I thought I heard it, a boom, a low guttural thing. My first indication was when I went outside to fetch Sarah. People were covering their faces and tears were running down their cheeks. And they said, "Bomb! Someone blew themselves up." That's what someone said. I was like, What? This isn't 9/11. This is a marathon.

AP: Three killed, more than 140 injured in Boston Marathon explosions

Everyone was rushing away from the scene, covering their faces like a horror film. I was trying to get to Sarah. She's like two blocks down from the finish line. If she finished in 3:47 and the bomb went off at 4:09. ... And she had to get her stuff off the buses. ... Everyone is turning around looking up at the sky, trying to find out where the bomb was. Of course it was on ground level.
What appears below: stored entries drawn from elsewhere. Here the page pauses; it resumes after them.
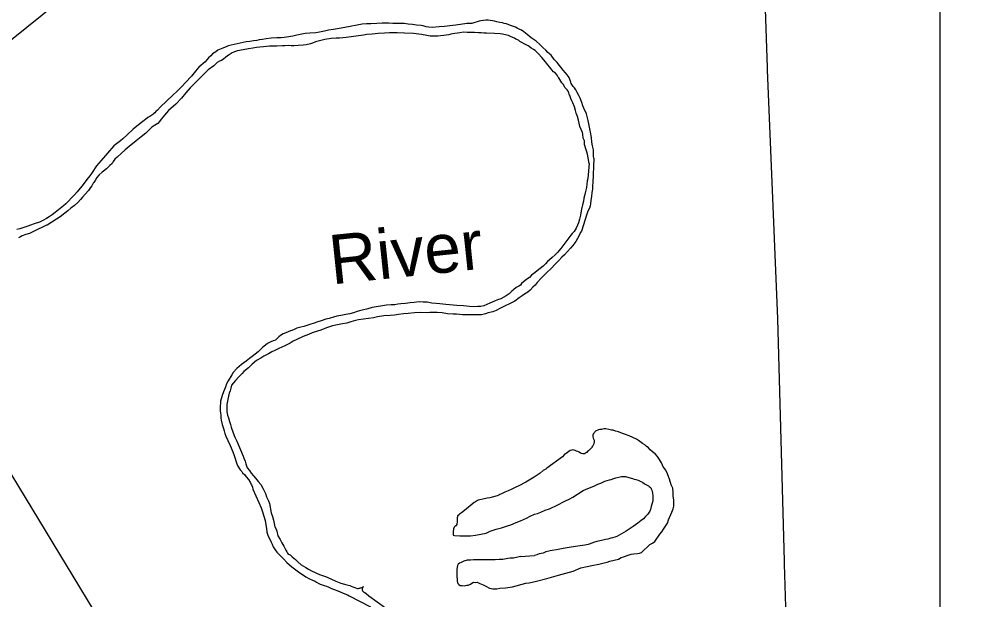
# Model space of a CAD drawing. Extents: x 1720274 to 1751788, y 372074 to 391887.
# Drawn here: x 1725183 to 1726800, y 387969 to 388953 of the extents above; entities that cross this region are included whole.
import ezdxf

# ---------------------------------------------------------------- set-up
doc = ezdxf.new("R2010")
doc.units = 0
for name, color, linetype in [('Level 10', 7, 'Continuous'), ('Level 2', 7, 'Continuous'), ('Level 9', 7, 'Continuous'), ('R_Draft', 7, 'Continuous')]:
    doc.layers.add(name, color=color, linetype=linetype)

msp = doc.modelspace()

# ---------------------------------------------------------------- linework, layer by layer
at = {"layer": 'Level 10'}
msp.add_lwpolyline([(1725245.1, 388978.7), (1725004.5, 388785.1)], dxfattribs=at)
at = {"layer": 'Level 2'}
msp.add_lwpolyline([(1726517.5, 386794.1), (1726507.7, 387180.9), (1726508, 387187.3), (1726491.7, 387614.2), (1726479.2, 388029.9), (1726479.1, 388035), (1726467.4, 388445.5), (1726450.4, 388867), (1726450.4, 388871.1), (1726443.9, 389052.9)], dxfattribs=at)
at = {"layer": 'Level 9'}
for points in [[(1726156, 388717.6), (1726155.7, 388721.1), (1726155.8, 388726.7), (1726155.5, 388731.7), (1726153.9, 388738.3), (1726152.7, 388744.8), (1726152, 388752.4), (1726150.4, 388761.5), (1726147.6, 388775.5), (1726146.3, 388781.5), (1726143.5, 388792.8), (1726139.3, 388802.4), (1726137.4, 388806.3), (1726135.8, 388811.9), (1726132.9, 388819.3), (1726130.7, 388823.6), (1726128, 388828.9), (1726125.5, 388833.1), (1726123.3, 388836.6), (1726121.2, 388839), (1726117.5, 388844.1), (1726117, 388846.3), (1726115, 388852.3), (1726114.2, 388854.3), (1726111, 388859), (1726108.1, 388862.4), (1726104.3, 388866.4), (1726094.1, 388879.4), (1726089.2, 388884.9), (1726083.6, 388892), (1726078.4, 388896.7), (1726075.1, 388900.3), (1726069.9, 388905.3), (1726064.7, 388910.1), (1726058.3, 388915.6), (1726050.1, 388921.5), (1726043.3, 388927.3), (1726037.4, 388931.7), (1726033.9, 388934.3), (1726029.7, 388936.2), (1726026.2, 388938), (1726023.3, 388939.3), (1726020.1, 388940.7), (1726016.7, 388942), (1726012.1, 388943.3), (1726008.3, 388944.9), (1726004.4, 388946), (1726001.3, 388946.7), (1725996.8, 388947.5), (1725991.6, 388948.8), (1725987.8, 388949.6), (1725984.3, 388950.3), (1725980.8, 388950.8), (1725977.1, 388951.1), (1725973.2, 388951.5), (1725969.2, 388950.9), (1725965, 388950.4), (1725961.9, 388949.7), (1725958.6, 388948.8), (1725954.4, 388947.4), (1725949.8, 388945.8), (1725946.5, 388945.7), (1725940.9, 388945.5), (1725930.3, 388944.2), (1725926.1, 388943.6), (1725922.5, 388942.9), (1725917.6, 388942.2), (1725912.4, 388941.6), (1725903.1, 388940.8), (1725894.2, 388940), (1725882.2, 388938.9), (1725877, 388939.3), (1725872.2, 388940), (1725867, 388941.5), (1725863.8, 388942.1), (1725855.6, 388942.8), (1725849.1, 388944), (1725841.9, 388944.7), (1725835.1, 388945.9), (1725816, 388945.7), (1725809.1, 388946.2), (1725803.2, 388946.3), (1725797.9, 388946.1), (1725788.6, 388945.5), (1725778.8, 388945.3), (1725771.4, 388945.2), (1725763.8, 388944.5), (1725755.2, 388943), (1725743.8, 388940.4), (1725734.5, 388939.1), (1725725.1, 388937.4), (1725715.3, 388935.8), (1725706.6, 388934.3), (1725700, 388932.8), (1725691.5, 388930.8), (1725685.6, 388930.1), (1725675, 388929.1), (1725667.1, 388928.8), (1725659, 388927.2), (1725653.3, 388925.7), (1725646.6, 388924.4)], [(1725646.6, 388924.4), (1725639.5, 388923.2), (1725631.5, 388922), (1725626.8, 388921.7), (1725619.1, 388921.4), (1725609.8, 388920.6), (1725601.5, 388919.7), (1725595.3, 388918.6), (1725589.4, 388917.8), (1725585.3, 388917.1), (1725579.6, 388916.2), (1725573.5, 388915.3), (1725567.7, 388914.5), (1725537, 388907.8), (1725534.7, 388906.6), (1725528.1, 388903.9), (1725524.9, 388902.7), (1725519.6, 388900.4), (1725516, 388897.9), (1725513.1, 388896.1), (1725510.5, 388894.4), (1725507.4, 388891.1), (1725503.6, 388887.5), (1725497.8, 388881), (1725487.5, 388871.6), (1725481.5, 388864.8), (1725474.8, 388856.6), (1725464.7, 388845.9), (1725459.3, 388839.5), (1725450.4, 388831.1), (1725443.2, 388824.2), (1725422.6, 388804.5), (1725417.5, 388799.1), (1725414.6, 388796.4), (1725412.6, 388794.4), (1725410.5, 388792.6), (1725409.2, 388791.7), (1725406.2, 388789.4), (1725404.3, 388788.2), (1725401.2, 388786.2), (1725397.7, 388783.4), (1725394.8, 388781.3), (1725388, 388776.3), (1725376, 388766.7), (1725365.6, 388756.7), (1725358.5, 388750.3), (1725354.4, 388746.8), (1725343.6, 388738.2), (1725322.1, 388713.6), (1725313.8, 388704.8), (1725306.8, 388693.5), (1725302.6, 388687.6), (1725297.6, 388681.4), (1725293, 388675.3), (1725289.1, 388669.9), (1725281.1, 388660.3), (1725277, 388655.2), (1725271.6, 388650.1), (1725266, 388644.1), (1725262, 388640.3), (1725258.3, 388637), (1725244.3, 388625.6), (1725239.1, 388621.7), (1725233.9, 388618), (1725229.2, 388615.3), (1725223.3, 388612.1), (1725217.6, 388609.2), (1725208.2, 388606.1), (1725202.1, 388604), (1725197.5, 388602.2), (1725189.2, 388599.6), (1725184, 388598), (1725179, 388596.9)], [(1726148.1, 388708.8), (1726146.3, 388718.3), (1726145.2, 388724.2), (1726140.5, 388740.9), (1726140.3, 388746.8), (1726138.3, 388751.6), (1726137.6, 388758.1), (1726136.7, 388761.2), (1726132.3, 388771.2), (1726131.1, 388777.1), (1726130, 388782.1), (1726128.4, 388788.2), (1726126.3, 388793.7), (1726124.9, 388798.4), (1726123.1, 388804.4), (1726120.8, 388811.3), (1726118.8, 388814.7), (1726117.3, 388818.8), (1726116, 388822.2), (1726114.3, 388826.1), (1726113.6, 388828.5), (1726112.8, 388831), (1726110.9, 388833.6), (1726107.4, 388836.8), (1726104, 388843.1), (1726102, 388845.1), (1726097, 388853.5), (1726096, 388854.7), (1726094, 388858.1), (1726091.4, 388861.7), (1726087.7, 388864.1), (1726084.9, 388867.2), (1726083.1, 388869.3), (1726081.1, 388872.1), (1726078.4, 388875.8), (1726076.1, 388878.4), (1726074.2, 388880.6), (1726068.1, 388888.2), (1726062.3, 388894.5), (1726056.5, 388900), (1726053.9, 388901.7), (1726050.2, 388904.2), (1726046.9, 388906.8), (1726044.8, 388908), (1726038.1, 388911.4), (1726034.3, 388913.4), (1726030.7, 388915.5), (1726028.3, 388917.3), (1726024.3, 388919.2), (1726022, 388920.6), (1726019.1, 388922.1), (1726015.1, 388923.9), (1726011.8, 388925.2), (1726008.6, 388926), (1726001.4, 388927.4), (1725997.3, 388928.2), (1725988, 388929), (1725974.5, 388929.2), (1725970.1, 388929.4), (1725965.5, 388929.8), (1725960.9, 388930), (1725954.1, 388930.3), (1725946.4, 388930.5), (1725941.4, 388930.6), (1725935.2, 388930.8), (1725929.2, 388929.9), (1725925.5, 388929.5), (1725920.7, 388929), (1725916.8, 388928.1), (1725913.8, 388927.4), (1725910.4, 388926.8), (1725905.8, 388926), (1725902.2, 388925.4), (1725896.6, 388924.6), (1725892.2, 388924), (1725887.8, 388924.1), (1725884.4, 388924), (1725879.2, 388924.3), (1725873.5, 388925.4), (1725864.1, 388927.3), (1725850.8, 388928.6), (1725835.7, 388929.4), (1725822.9, 388930), (1725810.1, 388929.7), (1725801.9, 388929.6), (1725790.7, 388928.6), (1725780.6, 388927.6), (1725771.8, 388926.9), (1725766, 388926.2), (1725736.8, 388922.1), (1725725.5, 388921.1), (1725719.8, 388920.9), (1725711.4, 388920.3), (1725700.8, 388918.4), (1725684.8, 388914.5), (1725679.7, 388912.5), (1725676.4, 388911.1), (1725669.2, 388909.4), (1725664.2, 388908.9), (1725655.3, 388908.2), (1725648.1, 388908.1)], [(1725648.1, 388908.1), (1725643.4, 388908.1), (1725638.8, 388908.3), (1725632.9, 388907.9), (1725628.8, 388907.8), (1725619.1, 388907.3), (1725613.1, 388907.4), (1725606.9, 388907.2), (1725597, 388906.3), (1725590.7, 388905.4), (1725585.1, 388904.9), (1725578.8, 388904.1), (1725571.1, 388902.6), (1725562.5, 388901.3), (1725552.7, 388899.3), (1725547.9, 388897.5), (1725543.7, 388896), (1725538.9, 388892.7), (1725536, 388890.8), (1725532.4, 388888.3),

Then I'm trying to call her and the phone is totally dead. Some people can talk and others are saying, "My phone's dead." I sent a text to Sarah's sister. I said something about a bomb and she sends, "WTF?" And I send a couple more and they don't go through, and I'm starting to freak out. ... The bomb couldn't have been at a better time. They definitely wanted to hurt the most people. Most marathons, the four-hour mark is like the glut of the people. So I'm going down this street and they're barricading it off. I can't use my phone and I'm really afraid I'm going to walk right by her ... so I finally got down there, and there's a woman helping Sarah out, a woman going, "Stiner! John Stiner! Stiner!" And I look over, and Sarah's like on the ground with her back up against the marble wall. And I'm thinking, Sarah, what are you doing here? There's a goddam bomb. ... She's like, What are you talking about? She's just run 26 miles. ... I don't think she heard the bomb at all. ... She said there were two people she works with who were waiting for her to finish and she did and then they walked away and the thing blew up four minutes later. She said, "Can you imagine if the people there to watch me finish had been blown up?"

Here's this massive event, the oldest marathon in existence, and ... they didn't blow it up at three hours, they blew it up at four hours. One minute you're going down to grab somebody because she's really exhausted from a marathon, and the next minute, bombs? You're like, I know your legs are beat up, but you really need to get up and get out of here now. [Phone cut off.]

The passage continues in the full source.